How the New Deal Defines the Debate Over Obamacaretags: conservatism, New Deal
David Davenport is a research fellow at the Hoover Institution. Gordon Lloyd is a professor of public policy at Pepperdine University. They are coauthors of the recent book, The New Deal and Modern American Conservatism: A Defining Rivalry.
The debate surrounding the Affordable Care Act continues -- remarkably -- more than three years after it was signed into law. Both liberals and conservatives alike seem to understand that this is not only the signature accomplishment of Barack Obama's presidency, but the most important extension of the New Deal since the adoption of Medicare and Medicaid in the 1960s. Indeed, the healthcare debate is a reminder that, after eighty years, the New Deal remains as the basic framework for American domestic policy and it is still going strong.
When we go back to examine the debates between Franklin Roosevelt and Herbert Hoover about the New Deal in the 1930s , we come back with a better understanding of principles underlying the public policy debates today. Both Franklin D. Roosevelt and Herbert Hoover agreed that the quarrel of the 1932 election was, as Hoover said, “more than a contest between two men, more than a contest between two parties.” It was a contest, said Hoover, “between two philosophies of government” that would decide “the direction our nation will take over a century to come.” Roosevelt agreed: March 4, 1933 (his inauguration as president) marked the transformation of America. It was an historic clash between liberty and democracy.
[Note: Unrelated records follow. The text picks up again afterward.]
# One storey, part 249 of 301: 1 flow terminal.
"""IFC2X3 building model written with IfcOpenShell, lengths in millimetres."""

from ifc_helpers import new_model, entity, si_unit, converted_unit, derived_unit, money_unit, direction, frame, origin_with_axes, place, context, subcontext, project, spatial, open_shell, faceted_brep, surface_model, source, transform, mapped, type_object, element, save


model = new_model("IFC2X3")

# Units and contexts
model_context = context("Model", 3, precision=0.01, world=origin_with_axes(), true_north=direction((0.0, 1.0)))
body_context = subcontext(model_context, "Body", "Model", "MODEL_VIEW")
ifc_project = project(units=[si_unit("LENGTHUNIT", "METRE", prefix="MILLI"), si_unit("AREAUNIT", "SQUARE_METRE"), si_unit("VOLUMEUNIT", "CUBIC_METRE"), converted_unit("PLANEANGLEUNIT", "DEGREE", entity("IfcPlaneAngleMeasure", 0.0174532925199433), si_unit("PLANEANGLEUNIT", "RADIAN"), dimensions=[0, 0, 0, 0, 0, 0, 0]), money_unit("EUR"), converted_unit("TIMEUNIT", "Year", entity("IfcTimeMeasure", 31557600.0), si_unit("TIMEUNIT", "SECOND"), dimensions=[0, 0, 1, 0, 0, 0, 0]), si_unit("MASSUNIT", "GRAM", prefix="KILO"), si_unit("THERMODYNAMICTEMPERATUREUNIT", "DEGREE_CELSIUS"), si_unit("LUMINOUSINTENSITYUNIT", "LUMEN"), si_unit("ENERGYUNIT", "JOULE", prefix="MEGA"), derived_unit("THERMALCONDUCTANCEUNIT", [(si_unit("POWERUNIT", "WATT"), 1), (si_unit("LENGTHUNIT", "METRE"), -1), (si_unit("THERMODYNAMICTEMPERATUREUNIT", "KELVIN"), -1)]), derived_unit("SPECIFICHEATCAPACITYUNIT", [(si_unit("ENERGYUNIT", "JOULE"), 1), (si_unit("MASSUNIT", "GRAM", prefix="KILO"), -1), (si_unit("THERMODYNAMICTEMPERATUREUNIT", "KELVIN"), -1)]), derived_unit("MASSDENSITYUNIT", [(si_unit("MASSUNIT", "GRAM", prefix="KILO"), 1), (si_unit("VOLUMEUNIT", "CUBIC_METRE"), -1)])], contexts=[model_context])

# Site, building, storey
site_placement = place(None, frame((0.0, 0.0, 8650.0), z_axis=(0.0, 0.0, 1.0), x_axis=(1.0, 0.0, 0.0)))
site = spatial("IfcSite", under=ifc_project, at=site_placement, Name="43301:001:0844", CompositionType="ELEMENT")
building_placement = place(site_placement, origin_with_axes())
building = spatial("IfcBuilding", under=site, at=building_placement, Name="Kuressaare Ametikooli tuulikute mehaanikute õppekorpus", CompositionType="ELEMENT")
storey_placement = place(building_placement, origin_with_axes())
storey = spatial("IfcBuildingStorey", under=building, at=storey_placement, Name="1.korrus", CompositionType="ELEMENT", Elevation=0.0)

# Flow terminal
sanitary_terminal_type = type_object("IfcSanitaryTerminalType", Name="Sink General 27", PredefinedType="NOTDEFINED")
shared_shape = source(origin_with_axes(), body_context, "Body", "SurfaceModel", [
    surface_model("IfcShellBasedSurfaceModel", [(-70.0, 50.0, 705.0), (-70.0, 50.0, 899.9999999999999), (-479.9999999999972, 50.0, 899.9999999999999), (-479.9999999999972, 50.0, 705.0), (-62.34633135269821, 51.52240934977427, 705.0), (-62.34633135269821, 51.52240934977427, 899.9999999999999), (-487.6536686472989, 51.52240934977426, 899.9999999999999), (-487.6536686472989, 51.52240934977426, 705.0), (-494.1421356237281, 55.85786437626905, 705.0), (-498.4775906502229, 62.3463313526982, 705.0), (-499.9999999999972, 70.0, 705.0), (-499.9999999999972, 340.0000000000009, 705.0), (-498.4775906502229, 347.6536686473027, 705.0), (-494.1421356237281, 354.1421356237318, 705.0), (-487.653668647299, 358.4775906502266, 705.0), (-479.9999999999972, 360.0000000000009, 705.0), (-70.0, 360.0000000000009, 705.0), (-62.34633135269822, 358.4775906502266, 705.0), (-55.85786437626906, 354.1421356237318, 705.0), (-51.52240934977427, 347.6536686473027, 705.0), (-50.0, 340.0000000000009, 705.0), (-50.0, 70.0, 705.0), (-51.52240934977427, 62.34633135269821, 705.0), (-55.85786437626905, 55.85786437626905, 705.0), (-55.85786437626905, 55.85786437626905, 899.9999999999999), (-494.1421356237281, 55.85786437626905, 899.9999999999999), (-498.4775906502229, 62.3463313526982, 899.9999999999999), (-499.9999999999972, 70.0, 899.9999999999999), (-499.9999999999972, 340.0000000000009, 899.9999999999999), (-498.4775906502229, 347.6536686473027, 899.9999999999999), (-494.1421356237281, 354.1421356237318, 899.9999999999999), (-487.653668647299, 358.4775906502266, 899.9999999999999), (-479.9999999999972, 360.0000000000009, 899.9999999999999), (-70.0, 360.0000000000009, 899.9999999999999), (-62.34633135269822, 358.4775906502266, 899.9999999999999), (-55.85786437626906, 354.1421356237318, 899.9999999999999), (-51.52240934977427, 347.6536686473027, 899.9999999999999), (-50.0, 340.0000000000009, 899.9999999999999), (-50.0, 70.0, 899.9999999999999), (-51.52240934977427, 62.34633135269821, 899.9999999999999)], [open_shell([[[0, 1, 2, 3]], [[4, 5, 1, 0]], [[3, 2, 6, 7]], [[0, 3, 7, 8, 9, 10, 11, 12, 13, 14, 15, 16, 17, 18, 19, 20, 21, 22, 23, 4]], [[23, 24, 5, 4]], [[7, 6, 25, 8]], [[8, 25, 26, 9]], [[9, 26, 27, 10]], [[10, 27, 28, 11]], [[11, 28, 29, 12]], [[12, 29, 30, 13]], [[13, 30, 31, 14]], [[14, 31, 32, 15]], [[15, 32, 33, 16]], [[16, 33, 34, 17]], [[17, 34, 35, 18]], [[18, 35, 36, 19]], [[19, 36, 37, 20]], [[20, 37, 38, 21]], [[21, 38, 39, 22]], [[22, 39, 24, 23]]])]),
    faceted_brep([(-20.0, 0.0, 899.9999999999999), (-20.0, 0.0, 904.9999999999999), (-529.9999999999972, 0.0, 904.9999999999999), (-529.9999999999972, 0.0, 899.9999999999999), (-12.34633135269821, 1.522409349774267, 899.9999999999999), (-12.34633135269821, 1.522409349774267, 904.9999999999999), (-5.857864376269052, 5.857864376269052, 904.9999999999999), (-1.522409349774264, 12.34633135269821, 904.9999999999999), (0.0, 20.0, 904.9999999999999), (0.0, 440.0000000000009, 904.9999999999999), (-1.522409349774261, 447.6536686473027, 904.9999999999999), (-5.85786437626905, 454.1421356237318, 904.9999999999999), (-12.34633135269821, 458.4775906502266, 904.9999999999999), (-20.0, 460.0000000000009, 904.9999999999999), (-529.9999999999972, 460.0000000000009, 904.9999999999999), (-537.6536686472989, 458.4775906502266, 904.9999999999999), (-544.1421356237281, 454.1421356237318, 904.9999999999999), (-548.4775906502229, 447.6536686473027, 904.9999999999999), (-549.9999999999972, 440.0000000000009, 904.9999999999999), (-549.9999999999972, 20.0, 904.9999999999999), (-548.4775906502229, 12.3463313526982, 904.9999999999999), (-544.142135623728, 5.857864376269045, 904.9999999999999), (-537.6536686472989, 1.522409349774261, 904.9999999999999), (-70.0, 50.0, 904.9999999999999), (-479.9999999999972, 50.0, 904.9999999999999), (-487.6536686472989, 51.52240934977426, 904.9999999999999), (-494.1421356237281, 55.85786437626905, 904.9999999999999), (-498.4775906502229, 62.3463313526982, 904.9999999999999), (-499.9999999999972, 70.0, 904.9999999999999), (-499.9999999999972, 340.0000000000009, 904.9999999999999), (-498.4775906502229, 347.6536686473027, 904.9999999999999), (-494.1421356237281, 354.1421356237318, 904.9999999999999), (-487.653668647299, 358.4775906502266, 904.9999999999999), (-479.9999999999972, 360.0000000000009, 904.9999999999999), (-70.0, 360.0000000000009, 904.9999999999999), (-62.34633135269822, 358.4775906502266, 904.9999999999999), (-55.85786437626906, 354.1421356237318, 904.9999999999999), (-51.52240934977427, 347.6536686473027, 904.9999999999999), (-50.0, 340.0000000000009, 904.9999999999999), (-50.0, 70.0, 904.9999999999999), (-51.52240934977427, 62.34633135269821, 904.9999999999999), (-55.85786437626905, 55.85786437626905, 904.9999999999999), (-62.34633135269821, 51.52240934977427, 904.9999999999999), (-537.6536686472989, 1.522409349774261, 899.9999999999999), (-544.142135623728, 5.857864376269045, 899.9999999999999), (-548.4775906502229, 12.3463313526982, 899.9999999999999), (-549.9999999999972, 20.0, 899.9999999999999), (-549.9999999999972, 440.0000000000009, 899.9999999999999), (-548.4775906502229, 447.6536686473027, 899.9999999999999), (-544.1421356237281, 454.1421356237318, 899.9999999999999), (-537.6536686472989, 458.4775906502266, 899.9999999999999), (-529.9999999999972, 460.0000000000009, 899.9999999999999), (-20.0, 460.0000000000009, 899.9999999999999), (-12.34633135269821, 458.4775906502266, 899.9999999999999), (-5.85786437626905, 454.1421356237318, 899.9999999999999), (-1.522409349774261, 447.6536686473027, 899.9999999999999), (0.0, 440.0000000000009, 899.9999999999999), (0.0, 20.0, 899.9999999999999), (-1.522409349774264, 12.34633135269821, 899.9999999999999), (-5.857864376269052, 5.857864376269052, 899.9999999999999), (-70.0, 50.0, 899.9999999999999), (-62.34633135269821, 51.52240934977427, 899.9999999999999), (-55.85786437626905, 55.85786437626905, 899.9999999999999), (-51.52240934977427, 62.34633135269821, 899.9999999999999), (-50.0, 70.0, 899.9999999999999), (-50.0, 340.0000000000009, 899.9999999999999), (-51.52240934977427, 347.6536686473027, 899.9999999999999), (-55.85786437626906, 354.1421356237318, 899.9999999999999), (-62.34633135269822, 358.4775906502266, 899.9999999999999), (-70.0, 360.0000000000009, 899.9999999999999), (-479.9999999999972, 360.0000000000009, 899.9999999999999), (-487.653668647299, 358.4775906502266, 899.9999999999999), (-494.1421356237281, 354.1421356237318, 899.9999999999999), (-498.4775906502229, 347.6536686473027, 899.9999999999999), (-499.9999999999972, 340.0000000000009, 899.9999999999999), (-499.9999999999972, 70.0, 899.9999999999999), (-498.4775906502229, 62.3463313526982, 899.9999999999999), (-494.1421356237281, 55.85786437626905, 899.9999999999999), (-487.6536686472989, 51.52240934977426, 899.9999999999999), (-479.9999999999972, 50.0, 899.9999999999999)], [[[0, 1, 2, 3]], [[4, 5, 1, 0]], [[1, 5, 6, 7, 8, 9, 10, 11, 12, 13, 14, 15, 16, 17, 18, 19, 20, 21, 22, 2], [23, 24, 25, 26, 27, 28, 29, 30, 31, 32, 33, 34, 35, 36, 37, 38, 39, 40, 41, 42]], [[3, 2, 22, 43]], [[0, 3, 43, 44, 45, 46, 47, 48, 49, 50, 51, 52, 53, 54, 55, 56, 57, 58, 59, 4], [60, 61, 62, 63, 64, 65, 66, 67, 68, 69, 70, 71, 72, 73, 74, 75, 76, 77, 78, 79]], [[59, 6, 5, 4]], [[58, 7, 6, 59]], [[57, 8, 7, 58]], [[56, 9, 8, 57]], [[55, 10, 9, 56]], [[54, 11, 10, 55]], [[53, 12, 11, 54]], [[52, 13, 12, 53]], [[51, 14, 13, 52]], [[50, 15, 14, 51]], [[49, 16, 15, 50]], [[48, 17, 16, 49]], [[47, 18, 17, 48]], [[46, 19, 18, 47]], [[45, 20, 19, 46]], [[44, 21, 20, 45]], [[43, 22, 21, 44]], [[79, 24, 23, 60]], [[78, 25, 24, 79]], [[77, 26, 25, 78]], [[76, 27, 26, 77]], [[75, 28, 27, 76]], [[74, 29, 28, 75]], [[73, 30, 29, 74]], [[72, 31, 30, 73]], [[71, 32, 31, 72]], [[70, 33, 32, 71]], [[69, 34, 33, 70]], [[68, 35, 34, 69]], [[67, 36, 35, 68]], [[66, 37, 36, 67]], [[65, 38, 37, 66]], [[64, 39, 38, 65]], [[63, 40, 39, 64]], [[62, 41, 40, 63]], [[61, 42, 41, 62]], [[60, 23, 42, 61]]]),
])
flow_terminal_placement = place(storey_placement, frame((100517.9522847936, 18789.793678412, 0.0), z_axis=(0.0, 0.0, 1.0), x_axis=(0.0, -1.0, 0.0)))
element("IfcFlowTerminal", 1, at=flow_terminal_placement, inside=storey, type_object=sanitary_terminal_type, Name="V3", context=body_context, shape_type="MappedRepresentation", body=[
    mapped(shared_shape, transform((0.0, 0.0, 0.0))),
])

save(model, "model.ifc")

Starting with his 1932 Commonwealth Club campaign speech and continuing through his Second Inaugural Address in 1937, Franklin Roosevelt proclaimed that the old American order of “the financial Titan” and do-nothing laissez faire government had come to an end. “The day of enlightened administration has come,” Roosevelt concluded. It was time for a “new deal” to secure a decent life for “the forgotten man.” We needed to realize, Roosevelt proclaimed, that democracy is actually “a quest, a never ending seeking for better things.” We needed a reappraisal of American values articulated in the Declaration of Independence as well as the Constitution and Bill of Rights, away from the earlier attachment to Jeffersonian individualism and states’ rights and toward an interdependent “national democracy.” We needed to turn away from a focus on the negative rights of the individual that constrains a government already constitutionally divided against itself and move toward a united centralized administration that secures the positive rights of “everyone.”
In his First Inaugural Address, Roosevelt reinforced his intention to move the country away from congressional deliberation to presidential action: “I shall ask the Congress for the one remaining instrument to meet the crisis: broad executive power to wage a war against the emergency, as great as the power that would be given to me if we were in fact invaded by a foreign foe.” And in his Second Inaugural, Roosevelt declared “the challenge to democracy: I see one-third of a nation ill housed, ill clad, and ill nourished. ... We are determined to make every American citizen the subject of his country’s interest and concern. ...The test of our progress is not whether we add more to the abundance of those who have much; it is whether we provide enough for those who have too little.”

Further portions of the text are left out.